··· Data for the task
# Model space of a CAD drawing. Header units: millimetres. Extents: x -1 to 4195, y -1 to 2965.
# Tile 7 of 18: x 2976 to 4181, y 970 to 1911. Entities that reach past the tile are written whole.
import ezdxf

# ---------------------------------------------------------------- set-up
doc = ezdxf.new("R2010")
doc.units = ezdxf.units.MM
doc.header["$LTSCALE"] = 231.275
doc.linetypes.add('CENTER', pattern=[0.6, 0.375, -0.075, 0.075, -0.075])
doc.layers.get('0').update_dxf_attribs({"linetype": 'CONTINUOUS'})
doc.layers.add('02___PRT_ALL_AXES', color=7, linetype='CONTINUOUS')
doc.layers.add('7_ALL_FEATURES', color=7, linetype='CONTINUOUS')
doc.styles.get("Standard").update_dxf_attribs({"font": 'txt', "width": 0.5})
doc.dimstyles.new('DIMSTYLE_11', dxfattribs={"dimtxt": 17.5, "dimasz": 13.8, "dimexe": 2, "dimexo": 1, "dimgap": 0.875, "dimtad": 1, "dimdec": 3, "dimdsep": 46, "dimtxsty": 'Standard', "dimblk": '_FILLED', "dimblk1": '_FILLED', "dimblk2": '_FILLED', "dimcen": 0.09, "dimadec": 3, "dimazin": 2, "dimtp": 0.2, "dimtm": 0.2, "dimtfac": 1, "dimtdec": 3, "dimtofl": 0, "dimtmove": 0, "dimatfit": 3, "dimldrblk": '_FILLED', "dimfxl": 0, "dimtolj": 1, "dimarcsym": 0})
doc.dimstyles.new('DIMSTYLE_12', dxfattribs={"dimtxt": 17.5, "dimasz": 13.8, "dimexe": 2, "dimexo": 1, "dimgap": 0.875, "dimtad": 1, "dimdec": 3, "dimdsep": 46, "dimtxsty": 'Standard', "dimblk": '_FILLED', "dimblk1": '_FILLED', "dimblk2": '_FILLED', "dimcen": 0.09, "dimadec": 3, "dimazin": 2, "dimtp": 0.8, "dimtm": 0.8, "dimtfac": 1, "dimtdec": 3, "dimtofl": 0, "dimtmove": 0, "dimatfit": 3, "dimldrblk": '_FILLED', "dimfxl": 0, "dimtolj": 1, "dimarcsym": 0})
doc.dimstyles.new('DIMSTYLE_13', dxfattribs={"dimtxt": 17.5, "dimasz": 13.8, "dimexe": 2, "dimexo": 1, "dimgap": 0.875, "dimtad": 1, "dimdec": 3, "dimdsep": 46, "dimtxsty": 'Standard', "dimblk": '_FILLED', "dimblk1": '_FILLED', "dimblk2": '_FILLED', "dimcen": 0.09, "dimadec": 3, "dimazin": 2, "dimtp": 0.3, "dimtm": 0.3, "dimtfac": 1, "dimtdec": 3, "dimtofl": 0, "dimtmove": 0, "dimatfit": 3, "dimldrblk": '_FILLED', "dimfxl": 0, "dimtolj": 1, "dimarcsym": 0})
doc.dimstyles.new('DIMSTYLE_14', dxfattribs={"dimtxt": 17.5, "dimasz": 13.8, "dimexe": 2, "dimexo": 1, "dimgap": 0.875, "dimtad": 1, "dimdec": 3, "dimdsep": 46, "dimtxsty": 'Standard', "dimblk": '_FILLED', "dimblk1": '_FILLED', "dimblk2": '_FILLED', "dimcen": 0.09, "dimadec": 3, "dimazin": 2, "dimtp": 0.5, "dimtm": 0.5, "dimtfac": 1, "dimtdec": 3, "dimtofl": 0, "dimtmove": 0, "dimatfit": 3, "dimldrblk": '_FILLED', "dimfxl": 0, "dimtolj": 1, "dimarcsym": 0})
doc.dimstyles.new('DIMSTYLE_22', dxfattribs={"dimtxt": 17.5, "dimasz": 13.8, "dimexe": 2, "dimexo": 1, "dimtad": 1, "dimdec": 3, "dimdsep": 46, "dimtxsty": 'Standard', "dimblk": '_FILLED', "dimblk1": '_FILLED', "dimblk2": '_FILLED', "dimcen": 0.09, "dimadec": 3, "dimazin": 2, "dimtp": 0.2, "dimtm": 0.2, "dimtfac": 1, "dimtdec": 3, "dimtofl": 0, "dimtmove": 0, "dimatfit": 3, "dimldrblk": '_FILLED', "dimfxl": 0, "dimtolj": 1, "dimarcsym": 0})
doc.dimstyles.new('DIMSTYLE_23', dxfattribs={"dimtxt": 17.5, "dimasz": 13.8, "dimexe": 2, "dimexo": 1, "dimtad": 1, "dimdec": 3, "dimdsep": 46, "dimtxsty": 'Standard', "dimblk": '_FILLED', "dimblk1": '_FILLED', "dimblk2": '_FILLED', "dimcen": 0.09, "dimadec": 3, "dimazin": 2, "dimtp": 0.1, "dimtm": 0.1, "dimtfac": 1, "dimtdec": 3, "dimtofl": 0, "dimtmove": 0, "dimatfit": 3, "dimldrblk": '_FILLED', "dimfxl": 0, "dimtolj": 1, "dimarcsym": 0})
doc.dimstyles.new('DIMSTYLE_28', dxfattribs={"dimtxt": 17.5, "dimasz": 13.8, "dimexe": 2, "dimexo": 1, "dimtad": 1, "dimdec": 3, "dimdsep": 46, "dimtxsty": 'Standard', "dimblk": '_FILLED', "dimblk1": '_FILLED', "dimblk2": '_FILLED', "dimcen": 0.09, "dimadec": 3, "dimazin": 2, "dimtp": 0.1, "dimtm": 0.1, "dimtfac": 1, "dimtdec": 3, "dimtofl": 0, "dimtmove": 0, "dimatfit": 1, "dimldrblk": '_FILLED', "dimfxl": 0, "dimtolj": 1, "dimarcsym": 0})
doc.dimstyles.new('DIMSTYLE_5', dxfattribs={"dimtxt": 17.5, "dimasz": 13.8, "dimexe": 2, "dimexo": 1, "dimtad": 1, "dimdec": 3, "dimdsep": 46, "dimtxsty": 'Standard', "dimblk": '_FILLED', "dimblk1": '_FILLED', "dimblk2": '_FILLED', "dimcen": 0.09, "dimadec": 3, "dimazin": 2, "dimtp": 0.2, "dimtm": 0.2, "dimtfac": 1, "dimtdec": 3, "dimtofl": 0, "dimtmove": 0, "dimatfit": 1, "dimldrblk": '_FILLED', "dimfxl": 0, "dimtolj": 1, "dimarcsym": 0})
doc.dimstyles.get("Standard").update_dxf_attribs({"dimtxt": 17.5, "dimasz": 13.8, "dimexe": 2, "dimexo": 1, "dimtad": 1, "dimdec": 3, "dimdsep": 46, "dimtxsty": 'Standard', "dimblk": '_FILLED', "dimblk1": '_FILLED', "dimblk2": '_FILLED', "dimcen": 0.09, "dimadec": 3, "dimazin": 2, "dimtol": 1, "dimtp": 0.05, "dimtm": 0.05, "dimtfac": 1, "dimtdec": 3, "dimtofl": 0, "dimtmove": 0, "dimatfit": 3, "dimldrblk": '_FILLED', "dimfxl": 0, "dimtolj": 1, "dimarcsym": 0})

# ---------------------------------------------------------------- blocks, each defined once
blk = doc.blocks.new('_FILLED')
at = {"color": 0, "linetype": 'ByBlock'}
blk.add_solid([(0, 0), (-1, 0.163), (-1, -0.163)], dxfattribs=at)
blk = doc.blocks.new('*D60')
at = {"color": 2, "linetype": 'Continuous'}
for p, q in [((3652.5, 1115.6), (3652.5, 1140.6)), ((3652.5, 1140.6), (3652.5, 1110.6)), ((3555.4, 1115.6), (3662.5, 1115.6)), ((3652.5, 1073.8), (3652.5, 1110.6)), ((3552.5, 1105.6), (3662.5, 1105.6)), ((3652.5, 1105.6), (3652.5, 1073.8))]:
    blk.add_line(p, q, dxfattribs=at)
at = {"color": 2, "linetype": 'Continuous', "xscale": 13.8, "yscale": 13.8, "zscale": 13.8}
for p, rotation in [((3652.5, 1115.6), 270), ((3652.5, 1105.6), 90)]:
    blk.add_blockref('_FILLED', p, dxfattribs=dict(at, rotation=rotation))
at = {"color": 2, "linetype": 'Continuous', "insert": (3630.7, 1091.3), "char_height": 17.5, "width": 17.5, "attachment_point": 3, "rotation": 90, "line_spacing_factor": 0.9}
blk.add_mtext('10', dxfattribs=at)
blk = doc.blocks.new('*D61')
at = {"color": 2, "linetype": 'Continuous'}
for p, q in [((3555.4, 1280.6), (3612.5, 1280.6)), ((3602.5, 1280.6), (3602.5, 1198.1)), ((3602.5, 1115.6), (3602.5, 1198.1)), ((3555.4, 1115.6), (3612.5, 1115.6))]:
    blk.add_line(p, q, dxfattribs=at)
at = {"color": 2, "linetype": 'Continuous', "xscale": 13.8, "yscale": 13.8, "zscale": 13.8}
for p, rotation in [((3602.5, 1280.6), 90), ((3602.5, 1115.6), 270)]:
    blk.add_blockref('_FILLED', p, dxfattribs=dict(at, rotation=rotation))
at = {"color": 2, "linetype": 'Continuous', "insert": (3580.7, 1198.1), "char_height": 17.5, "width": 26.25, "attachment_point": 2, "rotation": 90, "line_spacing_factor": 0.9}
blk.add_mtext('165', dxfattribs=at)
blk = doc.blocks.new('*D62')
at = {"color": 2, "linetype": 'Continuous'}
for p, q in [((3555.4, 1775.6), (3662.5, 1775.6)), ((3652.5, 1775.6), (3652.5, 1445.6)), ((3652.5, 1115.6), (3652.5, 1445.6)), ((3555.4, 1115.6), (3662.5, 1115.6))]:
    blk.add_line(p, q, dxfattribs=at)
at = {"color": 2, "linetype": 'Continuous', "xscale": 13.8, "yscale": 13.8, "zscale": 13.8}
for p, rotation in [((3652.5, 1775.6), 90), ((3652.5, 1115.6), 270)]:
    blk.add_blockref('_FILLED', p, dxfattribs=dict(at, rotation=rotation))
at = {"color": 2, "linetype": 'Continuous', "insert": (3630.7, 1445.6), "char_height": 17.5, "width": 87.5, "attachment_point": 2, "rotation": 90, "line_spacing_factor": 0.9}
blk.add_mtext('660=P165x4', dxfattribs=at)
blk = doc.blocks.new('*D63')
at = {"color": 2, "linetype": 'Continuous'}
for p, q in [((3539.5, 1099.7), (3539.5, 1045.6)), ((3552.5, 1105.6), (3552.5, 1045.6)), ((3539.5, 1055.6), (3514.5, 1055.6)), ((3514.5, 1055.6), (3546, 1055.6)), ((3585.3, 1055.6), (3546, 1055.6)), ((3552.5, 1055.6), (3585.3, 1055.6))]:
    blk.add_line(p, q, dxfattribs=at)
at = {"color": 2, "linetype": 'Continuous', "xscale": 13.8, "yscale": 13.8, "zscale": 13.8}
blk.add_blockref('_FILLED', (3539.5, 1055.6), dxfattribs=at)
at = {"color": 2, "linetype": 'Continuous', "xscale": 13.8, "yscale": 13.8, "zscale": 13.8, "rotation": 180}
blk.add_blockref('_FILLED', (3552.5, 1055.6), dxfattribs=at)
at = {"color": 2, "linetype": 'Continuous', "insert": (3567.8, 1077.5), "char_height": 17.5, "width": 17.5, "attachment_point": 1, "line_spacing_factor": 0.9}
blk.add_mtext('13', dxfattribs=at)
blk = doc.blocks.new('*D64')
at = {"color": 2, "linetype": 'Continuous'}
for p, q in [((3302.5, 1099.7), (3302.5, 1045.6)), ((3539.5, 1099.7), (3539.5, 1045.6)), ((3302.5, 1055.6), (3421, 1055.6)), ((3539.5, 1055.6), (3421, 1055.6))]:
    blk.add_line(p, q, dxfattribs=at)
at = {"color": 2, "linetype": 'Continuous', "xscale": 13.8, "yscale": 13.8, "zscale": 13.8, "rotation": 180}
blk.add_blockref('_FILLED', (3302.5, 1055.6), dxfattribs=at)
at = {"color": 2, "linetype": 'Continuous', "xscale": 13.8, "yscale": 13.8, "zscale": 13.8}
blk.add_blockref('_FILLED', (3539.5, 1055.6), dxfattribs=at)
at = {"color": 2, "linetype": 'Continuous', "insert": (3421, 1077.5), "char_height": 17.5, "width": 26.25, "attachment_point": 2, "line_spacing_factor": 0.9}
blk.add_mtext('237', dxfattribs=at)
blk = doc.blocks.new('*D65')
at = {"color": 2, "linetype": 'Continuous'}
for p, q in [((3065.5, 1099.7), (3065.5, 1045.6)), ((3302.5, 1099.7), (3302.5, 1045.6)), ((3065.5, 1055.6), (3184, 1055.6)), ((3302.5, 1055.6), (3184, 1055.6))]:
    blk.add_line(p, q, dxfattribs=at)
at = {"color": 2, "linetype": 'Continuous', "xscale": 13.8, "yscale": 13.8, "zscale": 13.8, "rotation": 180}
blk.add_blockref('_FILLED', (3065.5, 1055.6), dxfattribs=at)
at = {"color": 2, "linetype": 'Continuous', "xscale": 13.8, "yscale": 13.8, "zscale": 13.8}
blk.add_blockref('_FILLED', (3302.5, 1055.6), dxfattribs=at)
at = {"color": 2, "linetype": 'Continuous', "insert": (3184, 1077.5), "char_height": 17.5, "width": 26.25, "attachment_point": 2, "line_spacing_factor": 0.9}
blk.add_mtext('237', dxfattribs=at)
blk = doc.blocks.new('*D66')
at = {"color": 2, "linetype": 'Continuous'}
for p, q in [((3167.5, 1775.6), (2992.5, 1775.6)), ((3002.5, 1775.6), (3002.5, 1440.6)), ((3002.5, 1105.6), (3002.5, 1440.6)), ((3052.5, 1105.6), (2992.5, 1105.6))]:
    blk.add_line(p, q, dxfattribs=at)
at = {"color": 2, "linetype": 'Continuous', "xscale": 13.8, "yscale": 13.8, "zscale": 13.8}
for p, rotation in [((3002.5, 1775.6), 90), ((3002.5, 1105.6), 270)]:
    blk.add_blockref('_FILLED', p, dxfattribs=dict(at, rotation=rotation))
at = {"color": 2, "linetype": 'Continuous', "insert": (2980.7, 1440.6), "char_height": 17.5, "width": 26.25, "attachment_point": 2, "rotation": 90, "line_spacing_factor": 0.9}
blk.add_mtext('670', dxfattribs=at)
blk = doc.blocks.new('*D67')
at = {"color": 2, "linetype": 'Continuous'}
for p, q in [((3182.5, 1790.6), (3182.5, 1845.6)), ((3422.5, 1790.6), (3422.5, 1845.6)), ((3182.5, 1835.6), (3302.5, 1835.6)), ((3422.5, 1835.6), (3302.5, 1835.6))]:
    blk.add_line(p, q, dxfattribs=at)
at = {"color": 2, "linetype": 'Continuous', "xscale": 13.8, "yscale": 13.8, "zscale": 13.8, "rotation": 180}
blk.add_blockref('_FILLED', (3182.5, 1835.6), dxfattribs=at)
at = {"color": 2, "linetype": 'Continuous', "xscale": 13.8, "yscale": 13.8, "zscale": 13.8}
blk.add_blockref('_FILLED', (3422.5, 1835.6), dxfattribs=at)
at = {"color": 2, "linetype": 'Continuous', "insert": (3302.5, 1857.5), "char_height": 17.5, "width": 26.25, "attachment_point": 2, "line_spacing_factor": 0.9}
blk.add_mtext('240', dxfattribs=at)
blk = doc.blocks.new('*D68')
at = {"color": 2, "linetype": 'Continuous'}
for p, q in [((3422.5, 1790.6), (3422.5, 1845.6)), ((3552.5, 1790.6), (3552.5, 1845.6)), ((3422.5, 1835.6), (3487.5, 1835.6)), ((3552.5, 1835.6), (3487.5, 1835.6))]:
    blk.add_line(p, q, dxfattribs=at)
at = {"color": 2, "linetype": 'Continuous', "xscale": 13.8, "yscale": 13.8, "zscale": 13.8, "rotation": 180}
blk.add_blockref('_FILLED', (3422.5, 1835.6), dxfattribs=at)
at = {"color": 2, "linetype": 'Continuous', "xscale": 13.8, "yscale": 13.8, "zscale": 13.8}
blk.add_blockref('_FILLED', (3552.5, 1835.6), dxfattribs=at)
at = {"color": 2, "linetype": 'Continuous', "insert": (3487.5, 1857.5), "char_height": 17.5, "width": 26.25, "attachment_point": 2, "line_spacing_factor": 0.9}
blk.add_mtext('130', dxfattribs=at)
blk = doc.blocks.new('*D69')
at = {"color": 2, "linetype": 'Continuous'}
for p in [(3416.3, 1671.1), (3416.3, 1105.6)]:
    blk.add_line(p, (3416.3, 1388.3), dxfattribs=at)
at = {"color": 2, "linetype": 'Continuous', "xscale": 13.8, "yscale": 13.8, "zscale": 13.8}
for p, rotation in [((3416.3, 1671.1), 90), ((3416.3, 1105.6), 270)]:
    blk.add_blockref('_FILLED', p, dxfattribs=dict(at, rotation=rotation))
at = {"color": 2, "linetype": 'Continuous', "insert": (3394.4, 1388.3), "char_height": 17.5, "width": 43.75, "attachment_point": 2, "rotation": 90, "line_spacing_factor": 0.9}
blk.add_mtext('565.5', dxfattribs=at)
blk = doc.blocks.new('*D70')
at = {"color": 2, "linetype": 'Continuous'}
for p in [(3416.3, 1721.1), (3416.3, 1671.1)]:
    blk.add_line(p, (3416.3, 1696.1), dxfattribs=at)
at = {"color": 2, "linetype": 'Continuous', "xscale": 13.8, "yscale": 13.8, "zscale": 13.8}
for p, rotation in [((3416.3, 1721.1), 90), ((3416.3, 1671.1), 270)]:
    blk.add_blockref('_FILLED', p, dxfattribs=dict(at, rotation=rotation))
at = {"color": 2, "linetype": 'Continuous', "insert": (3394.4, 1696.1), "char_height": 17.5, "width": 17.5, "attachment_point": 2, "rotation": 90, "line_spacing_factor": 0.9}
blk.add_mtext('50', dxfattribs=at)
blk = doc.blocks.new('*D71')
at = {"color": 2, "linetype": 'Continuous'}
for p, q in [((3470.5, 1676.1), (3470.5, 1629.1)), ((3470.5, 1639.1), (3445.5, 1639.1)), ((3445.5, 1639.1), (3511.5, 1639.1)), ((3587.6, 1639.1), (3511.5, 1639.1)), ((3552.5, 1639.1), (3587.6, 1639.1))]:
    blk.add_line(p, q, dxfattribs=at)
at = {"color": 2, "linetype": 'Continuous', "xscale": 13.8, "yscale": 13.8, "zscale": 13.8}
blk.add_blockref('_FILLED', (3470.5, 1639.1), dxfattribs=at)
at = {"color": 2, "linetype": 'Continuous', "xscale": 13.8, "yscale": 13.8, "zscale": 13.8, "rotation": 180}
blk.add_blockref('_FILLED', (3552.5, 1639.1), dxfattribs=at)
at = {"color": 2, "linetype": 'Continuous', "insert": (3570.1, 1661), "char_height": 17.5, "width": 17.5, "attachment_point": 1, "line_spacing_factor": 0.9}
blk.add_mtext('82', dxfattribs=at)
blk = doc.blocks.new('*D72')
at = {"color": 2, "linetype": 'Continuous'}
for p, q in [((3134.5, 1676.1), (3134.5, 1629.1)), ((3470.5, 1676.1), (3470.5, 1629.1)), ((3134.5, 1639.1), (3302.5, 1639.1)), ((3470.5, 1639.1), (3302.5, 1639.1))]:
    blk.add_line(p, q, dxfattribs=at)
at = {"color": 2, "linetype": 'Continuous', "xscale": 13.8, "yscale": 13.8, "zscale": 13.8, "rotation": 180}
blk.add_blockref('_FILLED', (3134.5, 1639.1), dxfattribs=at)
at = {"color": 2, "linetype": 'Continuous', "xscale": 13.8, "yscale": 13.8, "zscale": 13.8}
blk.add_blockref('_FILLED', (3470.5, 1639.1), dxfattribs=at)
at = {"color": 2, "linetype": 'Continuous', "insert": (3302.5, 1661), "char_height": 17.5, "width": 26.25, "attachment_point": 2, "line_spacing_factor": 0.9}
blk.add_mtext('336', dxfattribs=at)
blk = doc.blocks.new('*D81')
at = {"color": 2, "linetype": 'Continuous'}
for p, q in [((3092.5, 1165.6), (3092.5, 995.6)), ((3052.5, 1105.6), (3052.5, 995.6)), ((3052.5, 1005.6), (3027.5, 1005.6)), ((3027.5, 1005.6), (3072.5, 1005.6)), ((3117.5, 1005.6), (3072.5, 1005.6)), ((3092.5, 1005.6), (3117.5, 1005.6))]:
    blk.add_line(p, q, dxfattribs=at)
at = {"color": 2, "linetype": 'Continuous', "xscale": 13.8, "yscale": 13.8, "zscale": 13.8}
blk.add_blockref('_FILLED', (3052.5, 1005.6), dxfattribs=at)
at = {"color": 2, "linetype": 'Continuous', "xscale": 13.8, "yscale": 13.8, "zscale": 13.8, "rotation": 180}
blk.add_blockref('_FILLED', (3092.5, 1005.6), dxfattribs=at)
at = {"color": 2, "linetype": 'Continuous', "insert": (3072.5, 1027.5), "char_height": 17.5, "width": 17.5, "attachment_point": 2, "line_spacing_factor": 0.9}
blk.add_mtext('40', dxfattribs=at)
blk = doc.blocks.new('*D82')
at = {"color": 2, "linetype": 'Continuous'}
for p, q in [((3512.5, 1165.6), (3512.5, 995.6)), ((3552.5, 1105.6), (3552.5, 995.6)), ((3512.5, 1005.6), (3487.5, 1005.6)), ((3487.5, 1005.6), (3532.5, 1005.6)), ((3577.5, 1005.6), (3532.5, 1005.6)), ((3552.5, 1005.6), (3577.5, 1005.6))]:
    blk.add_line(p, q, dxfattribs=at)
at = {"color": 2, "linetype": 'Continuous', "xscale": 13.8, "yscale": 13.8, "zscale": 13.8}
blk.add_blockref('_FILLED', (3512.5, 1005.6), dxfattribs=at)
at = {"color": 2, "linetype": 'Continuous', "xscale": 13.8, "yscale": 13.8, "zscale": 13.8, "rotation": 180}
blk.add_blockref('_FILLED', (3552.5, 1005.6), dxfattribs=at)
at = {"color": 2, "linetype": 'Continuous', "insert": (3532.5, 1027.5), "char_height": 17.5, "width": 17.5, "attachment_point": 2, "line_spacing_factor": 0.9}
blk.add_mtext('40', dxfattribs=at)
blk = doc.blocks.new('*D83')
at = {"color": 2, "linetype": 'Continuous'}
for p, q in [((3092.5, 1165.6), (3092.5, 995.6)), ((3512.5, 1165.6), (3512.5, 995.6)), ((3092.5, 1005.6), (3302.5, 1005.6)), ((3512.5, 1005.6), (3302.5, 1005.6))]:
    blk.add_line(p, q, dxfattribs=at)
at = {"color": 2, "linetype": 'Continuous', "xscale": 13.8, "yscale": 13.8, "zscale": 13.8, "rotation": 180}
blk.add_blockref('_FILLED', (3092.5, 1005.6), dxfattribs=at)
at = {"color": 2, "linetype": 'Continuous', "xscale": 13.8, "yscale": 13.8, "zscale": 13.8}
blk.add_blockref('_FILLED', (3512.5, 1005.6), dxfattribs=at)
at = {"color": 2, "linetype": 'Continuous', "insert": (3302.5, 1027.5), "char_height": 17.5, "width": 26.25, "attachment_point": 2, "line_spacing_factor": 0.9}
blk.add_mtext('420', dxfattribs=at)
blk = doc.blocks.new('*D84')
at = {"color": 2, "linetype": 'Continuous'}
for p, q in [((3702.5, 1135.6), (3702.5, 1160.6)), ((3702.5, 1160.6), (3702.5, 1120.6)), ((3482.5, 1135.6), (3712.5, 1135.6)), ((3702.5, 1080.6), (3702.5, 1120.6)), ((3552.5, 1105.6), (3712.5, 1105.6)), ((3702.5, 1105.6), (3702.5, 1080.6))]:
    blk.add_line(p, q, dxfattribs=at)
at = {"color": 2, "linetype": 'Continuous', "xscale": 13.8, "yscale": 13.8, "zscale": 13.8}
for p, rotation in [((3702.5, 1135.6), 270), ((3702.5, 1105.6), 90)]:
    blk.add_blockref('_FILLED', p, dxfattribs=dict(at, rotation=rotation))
······
Using the data above, count the lines where "ezdxf" appears. Reply with the number only.

Exercise output »
3